What does this Pandemic-Meets-Election-Meets-Halloween Moment Feel like if not like our Greatest Fears Strewn Across the Front Yard?

Sarah Condon / 10.29.20

Hell Houses were a natural part of the Southern landscape when I was growing up. If you are not familiar with them, they appear in October alongside other haunted house experiences, only this one has a religious agenda. They aim to scare the hell out of you.

As you mosey through each room you will meet characters who have made bad “choices.” Who you have sex with, how much you have sex, and when you start having sex make for great Hell House foyers. Sex is hot in hell houses, I do not make the rules. Suicide often makes a whimsical appearance. And even dancing (¡escandalosa!) is identified as a “sin” people have committed who will be burning in hell. If all of this sounds traumatizing, that’s because it is.

Flash forward to college. I began my journey into higher education at a small liberal arts school in Santa Fe, New Mexico. And boy howdy, did we put the liberal in liberal. Initially, I was thrilled to be there. We could say whatever, do whatever, and pierce whatever.
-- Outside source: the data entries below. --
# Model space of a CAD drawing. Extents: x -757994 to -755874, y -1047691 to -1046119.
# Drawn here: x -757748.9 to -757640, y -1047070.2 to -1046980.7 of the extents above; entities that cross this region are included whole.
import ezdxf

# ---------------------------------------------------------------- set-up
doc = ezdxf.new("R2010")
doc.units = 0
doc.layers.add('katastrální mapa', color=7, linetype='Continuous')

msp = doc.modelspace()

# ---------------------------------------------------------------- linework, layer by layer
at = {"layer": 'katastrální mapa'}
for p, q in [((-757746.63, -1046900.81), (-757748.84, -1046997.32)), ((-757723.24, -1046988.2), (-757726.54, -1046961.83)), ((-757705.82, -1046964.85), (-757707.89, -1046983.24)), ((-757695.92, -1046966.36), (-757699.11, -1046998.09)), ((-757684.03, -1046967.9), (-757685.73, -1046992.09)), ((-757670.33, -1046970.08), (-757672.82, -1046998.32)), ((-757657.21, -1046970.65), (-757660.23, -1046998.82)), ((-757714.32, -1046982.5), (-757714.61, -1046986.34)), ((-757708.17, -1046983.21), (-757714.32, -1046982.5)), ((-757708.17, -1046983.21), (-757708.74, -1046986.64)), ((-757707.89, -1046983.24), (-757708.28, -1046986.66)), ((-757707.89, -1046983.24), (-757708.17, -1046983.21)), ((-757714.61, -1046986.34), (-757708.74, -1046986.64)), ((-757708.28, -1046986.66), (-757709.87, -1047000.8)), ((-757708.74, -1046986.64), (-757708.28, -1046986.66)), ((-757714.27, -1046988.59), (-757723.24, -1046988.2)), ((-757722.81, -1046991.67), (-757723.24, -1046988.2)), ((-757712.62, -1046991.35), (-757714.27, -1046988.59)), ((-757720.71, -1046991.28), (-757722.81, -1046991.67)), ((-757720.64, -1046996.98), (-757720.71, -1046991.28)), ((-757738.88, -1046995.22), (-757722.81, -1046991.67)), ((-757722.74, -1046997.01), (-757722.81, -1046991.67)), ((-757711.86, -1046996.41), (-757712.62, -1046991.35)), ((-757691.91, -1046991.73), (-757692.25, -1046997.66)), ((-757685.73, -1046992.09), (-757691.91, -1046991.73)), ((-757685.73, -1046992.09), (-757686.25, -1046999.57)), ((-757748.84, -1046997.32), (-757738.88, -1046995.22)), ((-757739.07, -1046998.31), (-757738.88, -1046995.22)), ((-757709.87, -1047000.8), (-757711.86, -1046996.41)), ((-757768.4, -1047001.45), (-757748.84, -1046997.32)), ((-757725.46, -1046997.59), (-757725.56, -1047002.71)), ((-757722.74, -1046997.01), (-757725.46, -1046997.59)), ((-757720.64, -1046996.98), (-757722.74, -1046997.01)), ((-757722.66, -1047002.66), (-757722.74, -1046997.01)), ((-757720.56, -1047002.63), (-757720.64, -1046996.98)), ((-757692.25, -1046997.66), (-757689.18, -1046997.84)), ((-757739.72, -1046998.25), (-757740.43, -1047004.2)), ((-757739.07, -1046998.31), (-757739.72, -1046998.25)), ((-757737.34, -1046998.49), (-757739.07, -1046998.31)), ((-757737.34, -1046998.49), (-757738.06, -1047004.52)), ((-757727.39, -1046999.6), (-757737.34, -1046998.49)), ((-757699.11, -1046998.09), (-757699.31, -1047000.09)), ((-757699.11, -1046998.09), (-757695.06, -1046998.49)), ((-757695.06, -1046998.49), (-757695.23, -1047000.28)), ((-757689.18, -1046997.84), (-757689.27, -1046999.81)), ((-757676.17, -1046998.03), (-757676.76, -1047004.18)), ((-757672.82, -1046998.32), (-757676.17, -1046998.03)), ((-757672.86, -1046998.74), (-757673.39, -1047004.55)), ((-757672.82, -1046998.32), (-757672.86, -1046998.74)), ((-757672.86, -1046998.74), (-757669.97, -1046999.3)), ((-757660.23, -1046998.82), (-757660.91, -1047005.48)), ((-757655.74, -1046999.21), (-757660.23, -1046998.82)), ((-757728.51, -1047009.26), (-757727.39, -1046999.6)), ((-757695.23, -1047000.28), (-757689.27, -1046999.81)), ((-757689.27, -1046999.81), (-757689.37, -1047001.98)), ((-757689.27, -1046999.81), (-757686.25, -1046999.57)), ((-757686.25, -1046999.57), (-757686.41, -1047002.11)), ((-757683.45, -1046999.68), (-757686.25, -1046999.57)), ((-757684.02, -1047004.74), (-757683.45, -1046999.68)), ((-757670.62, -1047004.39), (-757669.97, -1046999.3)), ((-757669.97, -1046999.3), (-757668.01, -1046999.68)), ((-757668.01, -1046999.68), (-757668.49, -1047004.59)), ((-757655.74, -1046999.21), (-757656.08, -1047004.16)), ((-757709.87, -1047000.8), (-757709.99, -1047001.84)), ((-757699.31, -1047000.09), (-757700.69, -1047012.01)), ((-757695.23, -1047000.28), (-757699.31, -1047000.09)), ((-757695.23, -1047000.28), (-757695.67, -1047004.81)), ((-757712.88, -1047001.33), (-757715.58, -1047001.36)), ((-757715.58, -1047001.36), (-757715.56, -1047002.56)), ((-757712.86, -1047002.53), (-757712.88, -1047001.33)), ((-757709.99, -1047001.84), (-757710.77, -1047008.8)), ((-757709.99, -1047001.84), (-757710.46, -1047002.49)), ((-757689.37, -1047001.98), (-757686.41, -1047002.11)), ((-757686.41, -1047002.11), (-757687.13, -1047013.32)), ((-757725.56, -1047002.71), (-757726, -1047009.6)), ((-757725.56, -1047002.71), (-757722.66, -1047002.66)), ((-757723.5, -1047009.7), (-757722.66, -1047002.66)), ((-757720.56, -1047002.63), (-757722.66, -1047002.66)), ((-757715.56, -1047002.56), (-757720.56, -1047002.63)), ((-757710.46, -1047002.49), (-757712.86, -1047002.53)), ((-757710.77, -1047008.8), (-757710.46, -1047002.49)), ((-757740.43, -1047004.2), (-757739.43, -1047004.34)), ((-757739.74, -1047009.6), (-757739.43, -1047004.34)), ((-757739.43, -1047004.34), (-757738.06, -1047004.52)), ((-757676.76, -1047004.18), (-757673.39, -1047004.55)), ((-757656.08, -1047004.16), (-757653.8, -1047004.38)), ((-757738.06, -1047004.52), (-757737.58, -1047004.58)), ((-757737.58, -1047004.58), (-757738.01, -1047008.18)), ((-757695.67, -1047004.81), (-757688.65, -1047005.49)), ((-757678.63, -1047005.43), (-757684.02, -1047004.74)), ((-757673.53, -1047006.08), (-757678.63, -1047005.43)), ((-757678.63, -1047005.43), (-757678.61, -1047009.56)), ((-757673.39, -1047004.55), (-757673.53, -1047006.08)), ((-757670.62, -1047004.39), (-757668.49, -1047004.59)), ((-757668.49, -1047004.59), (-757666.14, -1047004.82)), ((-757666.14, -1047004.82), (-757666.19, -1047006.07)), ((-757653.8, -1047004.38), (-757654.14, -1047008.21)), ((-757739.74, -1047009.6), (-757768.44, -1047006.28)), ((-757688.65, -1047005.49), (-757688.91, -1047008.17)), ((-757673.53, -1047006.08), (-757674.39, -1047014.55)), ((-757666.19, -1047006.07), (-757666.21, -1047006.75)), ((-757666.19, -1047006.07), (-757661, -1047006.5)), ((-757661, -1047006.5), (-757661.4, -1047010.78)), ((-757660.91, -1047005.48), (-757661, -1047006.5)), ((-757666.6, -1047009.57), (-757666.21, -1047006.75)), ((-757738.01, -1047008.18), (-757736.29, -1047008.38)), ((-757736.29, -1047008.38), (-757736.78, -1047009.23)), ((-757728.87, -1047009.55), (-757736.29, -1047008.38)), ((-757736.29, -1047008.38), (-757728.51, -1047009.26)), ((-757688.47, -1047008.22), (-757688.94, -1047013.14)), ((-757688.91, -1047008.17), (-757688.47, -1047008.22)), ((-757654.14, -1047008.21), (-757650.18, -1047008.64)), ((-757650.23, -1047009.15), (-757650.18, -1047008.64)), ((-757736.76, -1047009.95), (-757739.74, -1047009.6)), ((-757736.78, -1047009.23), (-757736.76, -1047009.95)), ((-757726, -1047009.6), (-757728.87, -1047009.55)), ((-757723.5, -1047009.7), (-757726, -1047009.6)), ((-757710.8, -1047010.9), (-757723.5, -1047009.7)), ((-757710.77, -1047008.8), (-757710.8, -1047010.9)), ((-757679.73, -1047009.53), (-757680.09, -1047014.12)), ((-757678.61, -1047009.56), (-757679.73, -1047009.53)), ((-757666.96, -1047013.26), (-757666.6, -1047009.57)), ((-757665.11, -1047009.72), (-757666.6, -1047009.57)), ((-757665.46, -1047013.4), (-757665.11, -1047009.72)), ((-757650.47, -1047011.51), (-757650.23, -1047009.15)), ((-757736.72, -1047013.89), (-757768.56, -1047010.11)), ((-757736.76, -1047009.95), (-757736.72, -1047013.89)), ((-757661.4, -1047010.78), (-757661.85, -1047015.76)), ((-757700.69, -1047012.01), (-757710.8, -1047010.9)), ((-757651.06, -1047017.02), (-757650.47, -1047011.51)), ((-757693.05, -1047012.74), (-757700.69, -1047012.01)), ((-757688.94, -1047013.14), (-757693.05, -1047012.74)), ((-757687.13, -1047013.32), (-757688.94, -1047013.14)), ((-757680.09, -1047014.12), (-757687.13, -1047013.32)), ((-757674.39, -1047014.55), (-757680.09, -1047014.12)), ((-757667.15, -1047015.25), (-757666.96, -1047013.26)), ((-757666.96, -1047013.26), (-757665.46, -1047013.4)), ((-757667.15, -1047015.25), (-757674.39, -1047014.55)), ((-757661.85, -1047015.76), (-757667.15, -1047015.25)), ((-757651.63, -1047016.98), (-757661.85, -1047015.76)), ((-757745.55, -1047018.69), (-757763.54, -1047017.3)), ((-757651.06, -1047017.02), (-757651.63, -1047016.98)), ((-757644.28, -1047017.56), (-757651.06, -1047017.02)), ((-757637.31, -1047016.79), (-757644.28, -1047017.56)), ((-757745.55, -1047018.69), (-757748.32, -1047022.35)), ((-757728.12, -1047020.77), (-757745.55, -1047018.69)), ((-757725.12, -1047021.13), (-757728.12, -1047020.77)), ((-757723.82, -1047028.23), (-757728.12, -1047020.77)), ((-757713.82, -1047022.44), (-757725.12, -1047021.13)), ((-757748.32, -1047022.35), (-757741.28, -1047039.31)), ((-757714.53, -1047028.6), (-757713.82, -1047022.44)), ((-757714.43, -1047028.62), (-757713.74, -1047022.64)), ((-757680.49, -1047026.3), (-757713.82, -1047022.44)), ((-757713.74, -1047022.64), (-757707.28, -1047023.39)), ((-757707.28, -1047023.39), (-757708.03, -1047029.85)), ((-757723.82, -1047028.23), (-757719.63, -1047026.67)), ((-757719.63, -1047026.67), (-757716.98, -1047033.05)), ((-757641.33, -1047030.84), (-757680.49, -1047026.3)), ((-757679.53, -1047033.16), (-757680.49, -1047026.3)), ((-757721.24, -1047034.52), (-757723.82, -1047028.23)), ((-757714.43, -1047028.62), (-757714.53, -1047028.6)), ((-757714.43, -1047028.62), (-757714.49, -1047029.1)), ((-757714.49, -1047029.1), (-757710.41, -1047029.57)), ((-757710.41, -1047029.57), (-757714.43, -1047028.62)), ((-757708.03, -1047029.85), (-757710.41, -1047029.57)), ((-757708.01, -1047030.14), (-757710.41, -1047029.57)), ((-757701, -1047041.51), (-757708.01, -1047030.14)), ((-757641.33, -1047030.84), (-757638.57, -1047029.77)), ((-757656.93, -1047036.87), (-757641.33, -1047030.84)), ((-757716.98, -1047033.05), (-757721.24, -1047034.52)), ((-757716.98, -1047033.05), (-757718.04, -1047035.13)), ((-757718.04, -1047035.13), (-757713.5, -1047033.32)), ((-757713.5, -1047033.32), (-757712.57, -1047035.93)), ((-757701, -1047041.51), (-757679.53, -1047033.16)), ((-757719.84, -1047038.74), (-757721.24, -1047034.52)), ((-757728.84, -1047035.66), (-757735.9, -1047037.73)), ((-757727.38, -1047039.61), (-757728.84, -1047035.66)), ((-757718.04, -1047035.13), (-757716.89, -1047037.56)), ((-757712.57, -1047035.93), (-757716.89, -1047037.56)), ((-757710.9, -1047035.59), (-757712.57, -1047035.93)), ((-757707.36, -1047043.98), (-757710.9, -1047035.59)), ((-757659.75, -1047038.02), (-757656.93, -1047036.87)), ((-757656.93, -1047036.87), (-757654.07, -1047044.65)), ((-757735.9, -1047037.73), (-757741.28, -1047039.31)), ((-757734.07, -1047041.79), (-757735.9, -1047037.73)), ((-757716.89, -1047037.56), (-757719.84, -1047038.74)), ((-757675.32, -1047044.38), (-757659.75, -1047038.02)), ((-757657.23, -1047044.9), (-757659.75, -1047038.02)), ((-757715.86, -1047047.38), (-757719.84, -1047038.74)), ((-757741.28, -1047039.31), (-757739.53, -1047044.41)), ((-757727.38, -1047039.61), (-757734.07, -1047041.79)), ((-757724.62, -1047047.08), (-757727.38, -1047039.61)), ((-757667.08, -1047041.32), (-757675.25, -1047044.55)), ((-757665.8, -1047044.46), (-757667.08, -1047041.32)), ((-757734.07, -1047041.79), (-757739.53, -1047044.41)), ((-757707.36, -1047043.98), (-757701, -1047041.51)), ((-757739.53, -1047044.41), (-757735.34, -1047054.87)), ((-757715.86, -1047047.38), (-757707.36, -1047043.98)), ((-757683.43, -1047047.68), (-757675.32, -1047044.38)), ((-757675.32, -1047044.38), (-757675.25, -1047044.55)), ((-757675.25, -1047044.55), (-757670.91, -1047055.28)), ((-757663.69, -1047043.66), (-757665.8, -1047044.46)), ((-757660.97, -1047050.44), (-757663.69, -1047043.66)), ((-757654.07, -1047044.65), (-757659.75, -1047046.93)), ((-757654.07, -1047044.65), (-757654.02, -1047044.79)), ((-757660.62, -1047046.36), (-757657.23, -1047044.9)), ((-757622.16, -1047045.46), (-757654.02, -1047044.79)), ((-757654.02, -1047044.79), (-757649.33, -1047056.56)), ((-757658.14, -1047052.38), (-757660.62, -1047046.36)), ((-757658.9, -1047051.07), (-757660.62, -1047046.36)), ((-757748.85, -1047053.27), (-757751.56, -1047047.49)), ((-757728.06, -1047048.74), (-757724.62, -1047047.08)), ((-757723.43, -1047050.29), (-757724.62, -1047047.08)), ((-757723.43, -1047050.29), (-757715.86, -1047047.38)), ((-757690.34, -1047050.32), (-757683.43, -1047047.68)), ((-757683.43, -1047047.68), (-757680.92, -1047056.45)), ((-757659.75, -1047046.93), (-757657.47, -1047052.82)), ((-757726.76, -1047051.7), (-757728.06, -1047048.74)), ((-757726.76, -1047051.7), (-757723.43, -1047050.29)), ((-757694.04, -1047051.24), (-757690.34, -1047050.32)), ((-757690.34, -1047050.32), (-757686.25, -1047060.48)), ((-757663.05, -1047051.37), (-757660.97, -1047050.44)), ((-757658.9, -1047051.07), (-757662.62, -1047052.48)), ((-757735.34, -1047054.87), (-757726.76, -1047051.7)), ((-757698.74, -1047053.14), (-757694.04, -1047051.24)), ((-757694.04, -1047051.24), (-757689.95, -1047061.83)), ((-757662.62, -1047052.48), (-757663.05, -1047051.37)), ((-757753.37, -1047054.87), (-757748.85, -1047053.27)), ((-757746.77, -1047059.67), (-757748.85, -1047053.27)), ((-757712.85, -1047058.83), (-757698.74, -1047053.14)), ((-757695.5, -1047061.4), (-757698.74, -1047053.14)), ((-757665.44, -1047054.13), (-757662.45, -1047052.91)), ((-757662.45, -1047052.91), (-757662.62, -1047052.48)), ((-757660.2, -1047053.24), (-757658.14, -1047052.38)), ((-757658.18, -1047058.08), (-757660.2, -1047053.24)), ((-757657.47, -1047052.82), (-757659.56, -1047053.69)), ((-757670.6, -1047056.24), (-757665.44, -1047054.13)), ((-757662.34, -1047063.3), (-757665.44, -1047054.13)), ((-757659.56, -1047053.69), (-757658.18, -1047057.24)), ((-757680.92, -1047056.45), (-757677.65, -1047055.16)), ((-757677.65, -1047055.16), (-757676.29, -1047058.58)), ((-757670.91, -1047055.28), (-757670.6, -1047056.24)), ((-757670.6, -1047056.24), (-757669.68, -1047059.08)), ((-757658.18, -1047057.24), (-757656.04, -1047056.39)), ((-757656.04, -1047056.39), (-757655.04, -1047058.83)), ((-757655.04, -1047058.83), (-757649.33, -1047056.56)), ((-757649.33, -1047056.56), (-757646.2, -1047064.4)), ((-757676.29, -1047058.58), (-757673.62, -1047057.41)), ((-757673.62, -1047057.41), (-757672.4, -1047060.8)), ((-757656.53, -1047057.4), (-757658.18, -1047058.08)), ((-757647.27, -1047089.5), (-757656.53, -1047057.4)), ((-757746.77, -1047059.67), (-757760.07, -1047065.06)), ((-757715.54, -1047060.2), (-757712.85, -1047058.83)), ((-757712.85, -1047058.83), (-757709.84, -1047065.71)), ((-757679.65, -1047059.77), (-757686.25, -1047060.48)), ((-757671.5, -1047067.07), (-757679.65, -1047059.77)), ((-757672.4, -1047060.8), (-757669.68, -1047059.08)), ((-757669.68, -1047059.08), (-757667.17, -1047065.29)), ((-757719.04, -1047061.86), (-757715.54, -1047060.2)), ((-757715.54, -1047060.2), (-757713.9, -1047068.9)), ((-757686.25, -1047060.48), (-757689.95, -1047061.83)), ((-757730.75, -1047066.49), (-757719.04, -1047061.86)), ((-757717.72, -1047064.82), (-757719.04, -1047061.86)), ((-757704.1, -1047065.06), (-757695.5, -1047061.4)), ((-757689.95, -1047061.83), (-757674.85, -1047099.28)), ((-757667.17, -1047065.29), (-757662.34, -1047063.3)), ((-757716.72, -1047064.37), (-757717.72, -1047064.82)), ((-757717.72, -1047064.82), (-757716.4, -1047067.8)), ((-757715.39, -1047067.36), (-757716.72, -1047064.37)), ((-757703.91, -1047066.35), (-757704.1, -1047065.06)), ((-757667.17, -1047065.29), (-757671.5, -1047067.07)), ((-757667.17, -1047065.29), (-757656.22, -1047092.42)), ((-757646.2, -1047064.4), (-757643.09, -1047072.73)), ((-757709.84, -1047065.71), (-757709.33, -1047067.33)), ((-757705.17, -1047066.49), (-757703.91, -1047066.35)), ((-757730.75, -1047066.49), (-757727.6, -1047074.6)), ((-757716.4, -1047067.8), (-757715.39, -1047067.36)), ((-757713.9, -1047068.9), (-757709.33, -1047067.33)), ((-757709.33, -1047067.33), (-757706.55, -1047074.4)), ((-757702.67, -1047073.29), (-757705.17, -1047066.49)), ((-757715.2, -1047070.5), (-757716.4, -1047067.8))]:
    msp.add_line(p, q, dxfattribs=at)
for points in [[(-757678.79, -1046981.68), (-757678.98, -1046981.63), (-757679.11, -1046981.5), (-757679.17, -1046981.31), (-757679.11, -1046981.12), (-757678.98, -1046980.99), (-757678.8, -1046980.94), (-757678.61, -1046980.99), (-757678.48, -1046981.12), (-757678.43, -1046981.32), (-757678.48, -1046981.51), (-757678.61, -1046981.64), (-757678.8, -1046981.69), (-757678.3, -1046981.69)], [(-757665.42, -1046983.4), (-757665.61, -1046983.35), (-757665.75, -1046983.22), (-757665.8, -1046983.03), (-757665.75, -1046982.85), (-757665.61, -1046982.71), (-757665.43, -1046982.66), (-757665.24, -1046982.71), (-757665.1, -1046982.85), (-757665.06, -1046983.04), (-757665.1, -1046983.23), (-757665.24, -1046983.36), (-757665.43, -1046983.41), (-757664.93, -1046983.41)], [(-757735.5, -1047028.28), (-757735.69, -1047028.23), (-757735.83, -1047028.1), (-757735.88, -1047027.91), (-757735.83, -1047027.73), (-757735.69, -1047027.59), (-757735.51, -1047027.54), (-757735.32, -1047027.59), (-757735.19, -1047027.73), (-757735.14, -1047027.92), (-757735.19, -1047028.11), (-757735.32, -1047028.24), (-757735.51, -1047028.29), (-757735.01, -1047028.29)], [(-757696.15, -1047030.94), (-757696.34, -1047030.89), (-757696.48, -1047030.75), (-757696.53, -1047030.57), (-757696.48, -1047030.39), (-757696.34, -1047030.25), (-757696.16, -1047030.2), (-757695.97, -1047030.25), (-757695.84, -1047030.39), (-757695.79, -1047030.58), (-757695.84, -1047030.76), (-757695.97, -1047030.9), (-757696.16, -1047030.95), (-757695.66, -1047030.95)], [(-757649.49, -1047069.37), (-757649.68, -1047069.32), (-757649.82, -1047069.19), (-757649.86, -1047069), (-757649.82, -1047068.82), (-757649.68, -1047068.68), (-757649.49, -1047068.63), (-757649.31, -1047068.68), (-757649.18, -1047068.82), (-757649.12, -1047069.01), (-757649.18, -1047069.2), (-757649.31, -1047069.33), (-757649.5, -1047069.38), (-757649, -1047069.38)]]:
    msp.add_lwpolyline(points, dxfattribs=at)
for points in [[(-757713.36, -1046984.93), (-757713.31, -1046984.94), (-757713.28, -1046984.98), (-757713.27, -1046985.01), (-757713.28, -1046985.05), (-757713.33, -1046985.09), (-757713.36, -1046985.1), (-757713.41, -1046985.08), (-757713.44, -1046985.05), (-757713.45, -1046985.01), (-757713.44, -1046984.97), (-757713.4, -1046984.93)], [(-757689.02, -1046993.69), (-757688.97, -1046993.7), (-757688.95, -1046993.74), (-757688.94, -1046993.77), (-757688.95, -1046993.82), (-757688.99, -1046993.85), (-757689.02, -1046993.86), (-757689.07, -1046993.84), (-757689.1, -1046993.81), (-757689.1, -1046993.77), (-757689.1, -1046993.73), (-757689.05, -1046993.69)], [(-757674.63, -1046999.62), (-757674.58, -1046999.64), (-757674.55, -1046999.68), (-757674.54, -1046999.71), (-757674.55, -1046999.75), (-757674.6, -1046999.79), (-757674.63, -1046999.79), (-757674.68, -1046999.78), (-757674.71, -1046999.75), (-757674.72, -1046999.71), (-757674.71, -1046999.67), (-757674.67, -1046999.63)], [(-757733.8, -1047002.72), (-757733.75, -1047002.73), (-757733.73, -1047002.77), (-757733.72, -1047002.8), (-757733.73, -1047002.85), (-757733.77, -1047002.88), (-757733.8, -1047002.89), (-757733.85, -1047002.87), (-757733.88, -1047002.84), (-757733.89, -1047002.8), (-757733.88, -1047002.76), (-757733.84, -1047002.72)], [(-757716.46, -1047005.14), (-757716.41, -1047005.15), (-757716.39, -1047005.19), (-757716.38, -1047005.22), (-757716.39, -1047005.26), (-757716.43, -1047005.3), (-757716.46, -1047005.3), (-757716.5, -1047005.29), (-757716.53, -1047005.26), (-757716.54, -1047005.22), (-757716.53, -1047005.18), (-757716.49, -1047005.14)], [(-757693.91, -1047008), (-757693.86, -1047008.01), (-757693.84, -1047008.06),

Anything went.

Except Christianity. I was one of a handful of people who identified with it, and most of my friends wrote it off as a casualty of my geographical origins. I was the only student from Mississippi, and so it made sense that I would be one of the few people who talked incessantly about God.

So when the theatre department wanted to do a kind of satire on the classic Hell House experience, I was the first to sign up. I saw this as a moment to address the harm that had been done in the name of Jesus. What could this kind of Hell House look like, I wondered?

At our first meeting, the self-proclaimed fearless leader took the stage. He was a dashing young man with a passion in his eyes. My 18-year-old self thought, “This guy is brilliant,” before he even said one word.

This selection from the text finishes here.